An Ethereum client like Geth will handle this signing process.

Example JSON-RPC call:

{
  "id": 2,
  "jsonrpc": "2.0",
  "method": "account_signTransaction",
  "params": [
    {
      "from": "0x1923f626bb8dc025849e00f99c25fe2b2f7fb0db",
      "gas": "0x55555",
      "maxFeePerGas": "0x1234",
      "maxPriorityFeePerGas": "0x1234",
      "input": "0xabcd",
      "nonce": "0x0",
      "to": "0x07a565b7ed7d7a678680a4c162885bedbb695fe0",
      "value": "0x1234"
    }
  ]
}

Example response:

{
  "jsonrpc": "2.0",
  "id": 2,
  "result": {
    "raw": "0xf88380018203339407a565b7ed7d7a678680a4c162885bedbb695fe080a44401a6e4000000000000000000000000000000000000000000000000000000000000001226a0223a7c9bcf5531c99be5ea7082183816eb20cfe0bbc322e97cc5c7f71ab8b20ea02aadee6b34b45bb15bc42d9c09de4a6754e7000908da72d48cc7704971491663",
    "tx": {
      "nonce": "0x0",
      "maxFeePerGas": "0x1234",
      "maxPriorityFeePerGas": "0x1234",
      "gas": "0x55555",
      "to": "0x07a565b7ed7d7a678680a4c162885bedbb695fe0",
      "value": "0x1234",
      "input": "0xabcd",
      "v": "0x26",
      "r": "0x223a7c9bcf5531c99be5ea7082183816eb20cfe0bbc322e97cc5c7f71ab8b20e",
      "s": "0x2aadee6b34b45bb15bc42d9c09de4a6754e7000908da72d48cc7704971491663",
      "hash": "0xeba2df809e7a612a0a0d444ccfa5c839624bdc00dd29e3340d46df3870f8a30e"
    }
  }
}

Data field

The vast majority of transactions access a contract from an externally-owned account. Most contracts are written in Solidity and interpret their data field in accordance with the application binary interface (ABI).

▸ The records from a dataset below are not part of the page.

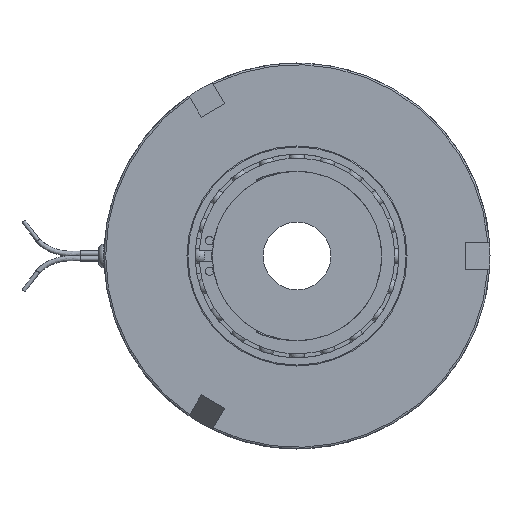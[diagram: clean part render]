
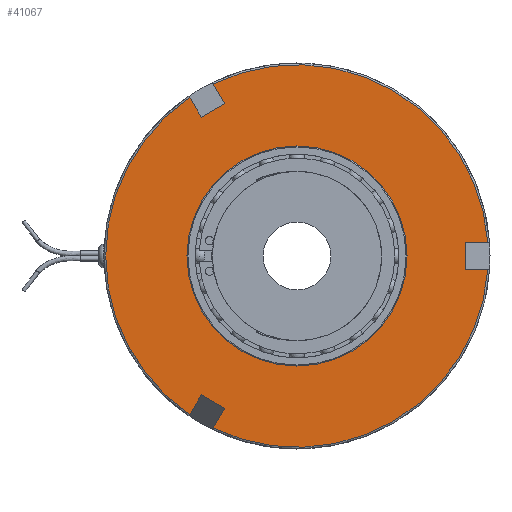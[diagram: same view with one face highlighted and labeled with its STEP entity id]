
A CAD part, left-side view. The second image highlights one B-rep face of the part: STEP entity #41067.
In plain terms, the highlighted planar face has unit normal (-1, 0, 0).
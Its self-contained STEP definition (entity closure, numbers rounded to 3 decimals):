
#4434=LINE('',#76235,#6388);
#4437=LINE('',#76244,#6391);
#4440=LINE('',#76251,#6394);
#4441=LINE('',#76256,#6395);
#4444=LINE('',#76265,#6398);
#4447=LINE('',#76272,#6401);
#4450=LINE('',#76299,#6404);
#4452=LINE('',#76303,#6406);
#4454=LINE('',#76306,#6408);
#6388=VECTOR('',#61119,10.);
#6391=VECTOR('',#61126,10.);
#6394=VECTOR('',#61133,10.);
#6395=VECTOR('',#61138,10.);
#6398=VECTOR('',#61145,10.);
#6401=VECTOR('',#61152,10.);
#6404=VECTOR('',#61187,10.);
#6406=VECTOR('',#61191,10.);
#6408=VECTOR('',#61195,10.);
#8176=PLANE('',#47142);
#8579=FACE_BOUND('',#12922,.T.);
#10608=FACE_OUTER_BOUND('',#12921,.T.);
#12921=EDGE_LOOP('',(#36713,#36714,#36715,#36716,#36717,#36718,#36719,#36720,
#36721,#36722,#36723,#36724));
#12922=EDGE_LOOP('',(#36725));
#14604=CIRCLE('',#47129,56.5);
#14605=CIRCLE('',#47131,56.5);
#14606=CIRCLE('',#47134,56.5);
#14609=CIRCLE('',#47143,32.5);
#18594=VERTEX_POINT('',#76233);
#18595=VERTEX_POINT('',#76234);
#18598=VERTEX_POINT('',#76242);
#18599=VERTEX_POINT('',#76243);
#18602=VERTEX_POINT('',#76254);
#18603=VERTEX_POINT('',#76255);
#18606=VERTEX_POINT('',#76263);
#18607=VERTEX_POINT('',#76264);
#18615=VERTEX_POINT('',#76288);
#18616=VERTEX_POINT('',#76292);
#18617=VERTEX_POINT('',#76298);
#18618=VERTEX_POINT('',#76302);
#18621=VERTEX_POINT('',#76314);
#24625=EDGE_CURVE('',#18594,#18595,#4434,.T.);
#24629=EDGE_CURVE('',#18598,#18599,#4437,.T.);
#24633=EDGE_CURVE('',#18599,#18594,#4440,.T.);
#24635=EDGE_CURVE('',#18602,#18603,#4441,.T.);
#24639=EDGE_CURVE('',#18606,#18607,#4444,.T.);
#24643=EDGE_CURVE('',#18607,#18602,#4447,.T.);
#24653=EDGE_CURVE('',#18615,#18603,#14604,.T.);
#24654=EDGE_CURVE('',#18598,#18616,#14605,.T.);
#24656=EDGE_CURVE('',#18606,#18595,#14606,.T.);
#24657=EDGE_CURVE('',#18617,#18616,#4450,.T.);
#24659=EDGE_CURVE('',#18615,#18618,#4452,.T.);
#24661=EDGE_CURVE('',#18618,#18617,#4454,.T.);
#24664=EDGE_CURVE('',#18621,#18621,#14609,.T.);
#36713=ORIENTED_EDGE('',*,*,#24625,.T.);
#36714=ORIENTED_EDGE('',*,*,#24656,.F.);
#36715=ORIENTED_EDGE('',*,*,#24639,.T.);
#36716=ORIENTED_EDGE('',*,*,#24643,.T.);
#36717=ORIENTED_EDGE('',*,*,#24635,.T.);
#36718=ORIENTED_EDGE('',*,*,#24653,.F.);
#36719=ORIENTED_EDGE('',*,*,#24659,.T.);
#36720=ORIENTED_EDGE('',*,*,#24661,.T.);
#36721=ORIENTED_EDGE('',*,*,#24657,.T.);
#36722=ORIENTED_EDGE('',*,*,#24654,.F.);
#36723=ORIENTED_EDGE('',*,*,#24629,.T.);
#36724=ORIENTED_EDGE('',*,*,#24633,.T.);
#36725=ORIENTED_EDGE('',*,*,#24664,.T.);
#41067=ADVANCED_FACE('',(#10608,#8579),#8176,.T.);
#47129=AXIS2_PLACEMENT_3D('',#76290,#61173,#61174);
#47131=AXIS2_PLACEMENT_3D('',#76293,#61177,#61178);
#47134=AXIS2_PLACEMENT_3D('',#76296,#61183,#61184);
#47142=AXIS2_PLACEMENT_3D('',#76313,#61204,#61205);
#47143=AXIS2_PLACEMENT_3D('',#76315,#61206,#61207);
#61119=DIRECTION('',(0.,0.5,0.866));
#61126=DIRECTION('',(0.,-0.5,-0.866));
#61133=DIRECTION('',(0.,0.866,-0.5));
#61138=DIRECTION('',(0.,0.5,-0.866));
#61145=DIRECTION('',(0.,-0.5,0.866));
#61152=DIRECTION('',(0.,-0.866,-0.5));
#61173=DIRECTION('center_axis',(1.,0.,0.));
#61174=DIRECTION('ref_axis',(0.,-1.,0.));
#61177=DIRECTION('center_axis',(1.,0.,0.));
#61178=DIRECTION('ref_axis',(0.,-1.,0.));
#61183=DIRECTION('center_axis',(1.,0.,0.));
#61184=DIRECTION('ref_axis',(0.,-1.,0.));
#61187=DIRECTION('',(0.,-1.,0.));
#61191=DIRECTION('',(0.,1.,0.));
#61195=DIRECTION('',(0.,0.,1.));
#61204=DIRECTION('center_axis',(-1.,0.,0.));
#61205=DIRECTION('ref_axis',(0.,0.,1.));
#61206=DIRECTION('center_axis',(1.,0.,0.));
#61207=DIRECTION('ref_axis',(0.,0.,-1.));
#76233=CARTESIAN_POINT('',(-22.,28.282,40.986));
#76234=CARTESIAN_POINT('',(-22.,31.643,46.808));
#76235=CARTESIAN_POINT('',(-22.,24.865,35.067));
#76242=CARTESIAN_POINT('',(-22.,24.715,50.808));
#76243=CARTESIAN_POINT('',(-22.,21.354,44.986));
#76244=CARTESIAN_POINT('',(-22.,17.936,39.067));
#76251=CARTESIAN_POINT('',(-22.,46.193,30.645));
#76254=CARTESIAN_POINT('',(-22.,21.354,-44.986));
#76255=CARTESIAN_POINT('',(-22.,24.715,-50.808));
#76256=CARTESIAN_POINT('',(-22.,17.936,-39.067));
#76263=CARTESIAN_POINT('',(-22.,31.643,-46.808));
#76264=CARTESIAN_POINT('',(-22.,28.282,-40.986));
#76265=CARTESIAN_POINT('',(-22.,24.865,-35.067));
#76272=CARTESIAN_POINT('',(-22.,46.193,-30.645));
#76288=CARTESIAN_POINT('',(-22.,-56.358,-4.));
#76290=CARTESIAN_POINT('Origin',(-22.,0.,0.));
#76292=CARTESIAN_POINT('',(-22.,-56.358,4.));
#76293=CARTESIAN_POINT('Origin',(-22.,0.,0.));
#76296=CARTESIAN_POINT('Origin',(-22.,0.,0.));
#76298=CARTESIAN_POINT('',(-22.,-49.636,4.));
#76299=CARTESIAN_POINT('',(-22.,-0.051,4.));
#76302=CARTESIAN_POINT('',(-22.,-49.636,-4.));
#76303=CARTESIAN_POINT('',(-22.,-0.051,-4.));
#76306=CARTESIAN_POINT('',(-22.,-49.636,0.));
#76313=CARTESIAN_POINT('Origin',(-22.,57.,0.));
#76314=CARTESIAN_POINT('',(-22.,32.5,0.));
#76315=CARTESIAN_POINT('Origin',(-22.,0.,0.));

The first four bytes specify which function to call, in this case 0xa9059cbb

You can sometimes identify the function from the selector using this database(opens in a new tab).

Conclusion

Understanding Ethereum transactions empowers users to navigate the blockchain with confidence. Whether you’re sending value to a friend or interacting with decentralized applications, transactions are the backbone of Ethereum’s decentralized ecosystem. By grasping the fundamentals outlined here, you’re well-equipped to embark on your journey into the world of Ethereum transactions.